__What you should do__: Reproduce every line that appears below, precisely and completely.

-*-

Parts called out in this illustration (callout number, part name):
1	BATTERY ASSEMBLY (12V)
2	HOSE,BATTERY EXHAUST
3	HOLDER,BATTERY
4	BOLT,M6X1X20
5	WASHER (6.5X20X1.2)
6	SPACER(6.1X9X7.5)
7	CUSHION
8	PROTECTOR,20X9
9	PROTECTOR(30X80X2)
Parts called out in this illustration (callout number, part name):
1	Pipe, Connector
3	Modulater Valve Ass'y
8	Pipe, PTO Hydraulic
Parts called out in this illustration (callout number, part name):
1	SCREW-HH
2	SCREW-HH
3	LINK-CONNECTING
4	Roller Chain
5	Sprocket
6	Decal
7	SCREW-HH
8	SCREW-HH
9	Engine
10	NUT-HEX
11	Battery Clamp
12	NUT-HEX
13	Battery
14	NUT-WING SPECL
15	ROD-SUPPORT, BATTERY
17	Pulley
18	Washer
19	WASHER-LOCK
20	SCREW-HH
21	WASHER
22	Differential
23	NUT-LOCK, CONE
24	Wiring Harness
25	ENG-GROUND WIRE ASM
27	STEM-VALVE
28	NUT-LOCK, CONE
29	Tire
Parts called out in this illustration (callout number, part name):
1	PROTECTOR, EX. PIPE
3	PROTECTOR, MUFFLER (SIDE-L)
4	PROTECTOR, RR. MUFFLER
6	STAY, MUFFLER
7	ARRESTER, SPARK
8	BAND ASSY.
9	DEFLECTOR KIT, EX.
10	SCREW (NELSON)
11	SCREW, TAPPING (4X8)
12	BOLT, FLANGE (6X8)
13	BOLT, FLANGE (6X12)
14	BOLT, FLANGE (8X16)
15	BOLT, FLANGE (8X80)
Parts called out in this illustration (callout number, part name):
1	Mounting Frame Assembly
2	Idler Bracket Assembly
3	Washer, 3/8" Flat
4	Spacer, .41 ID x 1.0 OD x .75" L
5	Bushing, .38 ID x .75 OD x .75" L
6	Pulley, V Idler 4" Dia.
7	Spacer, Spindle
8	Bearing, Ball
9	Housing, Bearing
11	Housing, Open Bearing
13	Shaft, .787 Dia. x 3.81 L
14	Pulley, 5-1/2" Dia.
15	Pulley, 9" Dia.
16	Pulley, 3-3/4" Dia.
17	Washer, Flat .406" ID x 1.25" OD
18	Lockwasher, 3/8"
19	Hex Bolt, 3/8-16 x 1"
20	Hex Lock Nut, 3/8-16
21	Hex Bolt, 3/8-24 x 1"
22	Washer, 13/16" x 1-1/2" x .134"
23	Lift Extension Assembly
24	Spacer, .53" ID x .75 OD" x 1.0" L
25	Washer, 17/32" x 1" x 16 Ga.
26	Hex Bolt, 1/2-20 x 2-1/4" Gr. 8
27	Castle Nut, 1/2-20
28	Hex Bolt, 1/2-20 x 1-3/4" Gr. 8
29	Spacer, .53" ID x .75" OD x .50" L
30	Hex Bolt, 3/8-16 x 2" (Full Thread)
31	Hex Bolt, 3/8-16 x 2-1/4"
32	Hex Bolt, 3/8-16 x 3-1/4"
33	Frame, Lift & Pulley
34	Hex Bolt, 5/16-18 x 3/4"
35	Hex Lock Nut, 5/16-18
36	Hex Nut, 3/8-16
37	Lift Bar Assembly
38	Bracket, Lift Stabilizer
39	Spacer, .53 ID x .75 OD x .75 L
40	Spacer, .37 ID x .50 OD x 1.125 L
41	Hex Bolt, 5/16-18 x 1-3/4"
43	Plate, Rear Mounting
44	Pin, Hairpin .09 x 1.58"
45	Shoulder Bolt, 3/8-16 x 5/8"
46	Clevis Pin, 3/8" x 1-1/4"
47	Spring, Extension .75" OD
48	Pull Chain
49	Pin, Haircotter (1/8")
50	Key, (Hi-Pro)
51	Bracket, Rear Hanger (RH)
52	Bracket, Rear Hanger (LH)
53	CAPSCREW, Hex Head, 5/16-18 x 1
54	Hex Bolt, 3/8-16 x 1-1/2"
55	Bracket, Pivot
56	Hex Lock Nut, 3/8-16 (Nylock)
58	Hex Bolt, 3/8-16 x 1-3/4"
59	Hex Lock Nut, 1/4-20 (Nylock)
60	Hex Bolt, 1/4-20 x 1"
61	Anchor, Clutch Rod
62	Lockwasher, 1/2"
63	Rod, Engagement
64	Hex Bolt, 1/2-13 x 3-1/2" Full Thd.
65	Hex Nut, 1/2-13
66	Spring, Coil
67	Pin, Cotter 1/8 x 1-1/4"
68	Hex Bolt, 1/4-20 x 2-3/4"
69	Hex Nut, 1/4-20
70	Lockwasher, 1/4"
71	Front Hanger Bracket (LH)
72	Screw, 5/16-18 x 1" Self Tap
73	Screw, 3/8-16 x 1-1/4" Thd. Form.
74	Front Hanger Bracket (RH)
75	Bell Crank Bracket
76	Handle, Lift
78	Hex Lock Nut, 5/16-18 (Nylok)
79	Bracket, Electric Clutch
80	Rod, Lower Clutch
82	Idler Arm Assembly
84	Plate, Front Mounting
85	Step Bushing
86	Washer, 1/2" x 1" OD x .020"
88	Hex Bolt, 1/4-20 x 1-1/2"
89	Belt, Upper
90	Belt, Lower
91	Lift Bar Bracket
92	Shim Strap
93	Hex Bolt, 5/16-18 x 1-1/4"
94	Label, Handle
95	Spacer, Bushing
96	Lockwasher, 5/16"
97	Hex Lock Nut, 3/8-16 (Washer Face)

-*-

__Response area__:
Parts called out in this illustration (callout number, part name):
1	BATTERY ASSEMBLY (12V)
2	HOSE,BATTERY EXHAUST
3	HOLDER,BATTERY
4	BOLT,M6X1X20
5	WASHER (6.5X20X1.2)
6	SPACER(6.1X9X7.5)
7	CUSHION
8	PROTECTOR,20X9
9	PROTECTOR(30X80X2)
Parts called out in this illustration (callout number, part name):
1	Pipe, Connector
3	Modulater Valve Ass'y
8	Pipe, PTO Hydraulic
Parts called out in this illustration (callout number, part name):
1	SCREW-HH
2	SCREW-HH
3	LINK-CONNECTING
4	Roller Chain
5	Sprocket
6	Decal
7	SCREW-HH
8	SCREW-HH
9	Engine
10	NUT-HEX
11	Battery Clamp
12	NUT-HEX
13	Battery
14	NUT-WING SPECL
15	ROD-SUPPORT, BATTERY
17	Pulley
18	Washer
19	WASHER-LOCK
20	SCREW-HH
21	WASHER
22	Differential
23	NUT-LOCK, CONE
24	Wiring Harness
25	ENG-GROUND WIRE ASM
27	STEM-VALVE
28	NUT-LOCK, CONE
29	Tire
Parts called out in this illustration (callout number, part name):
1	PROTECTOR, EX. PIPE
3	PROTECTOR, MUFFLER (SIDE-L)
4	PROTECTOR, RR. MUFFLER
6	STAY, MUFFLER
7	ARRESTER, SPARK
8	BAND ASSY.
9	DEFLECTOR KIT, EX.
10	SCREW (NELSON)
11	SCREW, TAPPING (4X8)
12	BOLT, FLANGE (6X8)
13	BOLT, FLANGE (6X12)
14	BOLT, FLANGE (8X16)
15	BOLT, FLANGE (8X80)
Parts called out in this illustration (callout number, part name):
1	Mounting Frame Assembly
2	Idler Bracket Assembly
3	Washer, 3/8" Flat
4	Spacer, .41 ID x 1.0 OD x .75" L
5	Bushing, .38 ID x .75 OD x .75" L
6	Pulley, V Idler 4" Dia.
7	Spacer, Spindle
8	Bearing, Ball
9	Housing, Bearing
11	Housing, Open Bearing
13	Shaft, .787 Dia. x 3.81 L
14	Pulley, 5-1/2" Dia.
15	Pulley, 9" Dia.
16	Pulley, 3-3/4" Dia.
17	Washer, Flat .406" ID x 1.25" OD
18	Lockwasher, 3/8"
19	Hex Bolt, 3/8-16 x 1"
20	Hex Lock Nut, 3/8-16
21	Hex Bolt, 3/8-24 x 1"
22	Washer, 13/16" x 1-1/2" x .134"
23	Lift Extension Assembly
24	Spacer, .53" ID x .75 OD" x 1.0" L
25	Washer, 17/32" x 1" x 16 Ga.
26	Hex Bolt, 1/2-20 x 2-1/4" Gr. 8
27	Castle Nut, 1/2-20
28	Hex Bolt, 1/2-20 x 1-3/4" Gr. 8
29	Spacer, .53" ID x .75" OD x .50" L
30	Hex Bolt, 3/8-16 x 2" (Full Thread)
31	Hex Bolt, 3/8-16 x 2-1/4"
32	Hex Bolt, 3/8-16 x 3-1/4"
33	Frame, Lift & Pulley
34	Hex Bolt, 5/16-18 x 3/4"
35	Hex Lock Nut, 5/16-18
36	Hex Nut, 3/8-16
37	Lift Bar Assembly
38	Bracket, Lift Stabilizer
39	Spacer, .53 ID x .75 OD x .75 L
40	Spacer, .37 ID x .50 OD x 1.125 L
41	Hex Bolt, 5/16-18 x 1-3/4"
43	Plate, Rear Mounting
44	Pin, Hairpin .09 x 1.58"
45	Shoulder Bolt, 3/8-16 x 5/8"
46	Clevis Pin, 3/8" x 1-1/4"
47	Spring, Extension .75" OD
48	Pull Chain
49	Pin, Haircotter (1/8")
50	Key, (Hi-Pro)
51	Bracket, Rear Hanger (RH)
52	Bracket, Rear Hanger (LH)
53	CAPSCREW, Hex Head, 5/16-18 x 1
54	Hex Bolt, 3/8-16 x 1-1/2"
55	Bracket, Pivot
56	Hex Lock Nut, 3/8-16 (Nylock)
58	Hex Bolt, 3/8-16 x 1-3/4"
59	Hex Lock Nut, 1/4-20 (Nylock)
60	Hex Bolt, 1/4-20 x 1"
61	Anchor, Clutch Rod
62	Lockwasher, 1/2"
63	Rod, Engagement
64	Hex Bolt, 1/2-13 x 3-1/2" Full Thd.
65	Hex Nut, 1/2-13
66	Spring, Coil
67	Pin, Cotter 1/8 x 1-1/4"
68	Hex Bolt, 1/4-20 x 2-3/4"
69	Hex Nut, 1/4-20
70	Lockwasher, 1/4"
71	Front Hanger Bracket (LH)
72	Screw, 5/16-18 x 1" Self Tap
73	Screw, 3/8-16 x 1-1/4" Thd. Form.
74	Front Hanger Bracket (RH)
75	Bell Crank Bracket
76	Handle, Lift
78	Hex Lock Nut, 5/16-18 (Nylok)
79	Bracket, Electric Clutch
80	Rod, Lower Clutch
82	Idler Arm Assembly
84	Plate, Front Mounting
85	Step Bushing
86	Washer, 1/2" x 1" OD x .020"
88	Hex Bolt, 1/4-20 x 1-1/2"
89	Belt, Upper
90	Belt, Lower
91	Lift Bar Bracket
92	Shim Strap
93	Hex Bolt, 5/16-18 x 1-1/4"
94	Label, Handle
95	Spacer, Bushing
96	Lockwasher, 5/16"
97	Hex Lock Nut, 3/8-16 (Washer Face)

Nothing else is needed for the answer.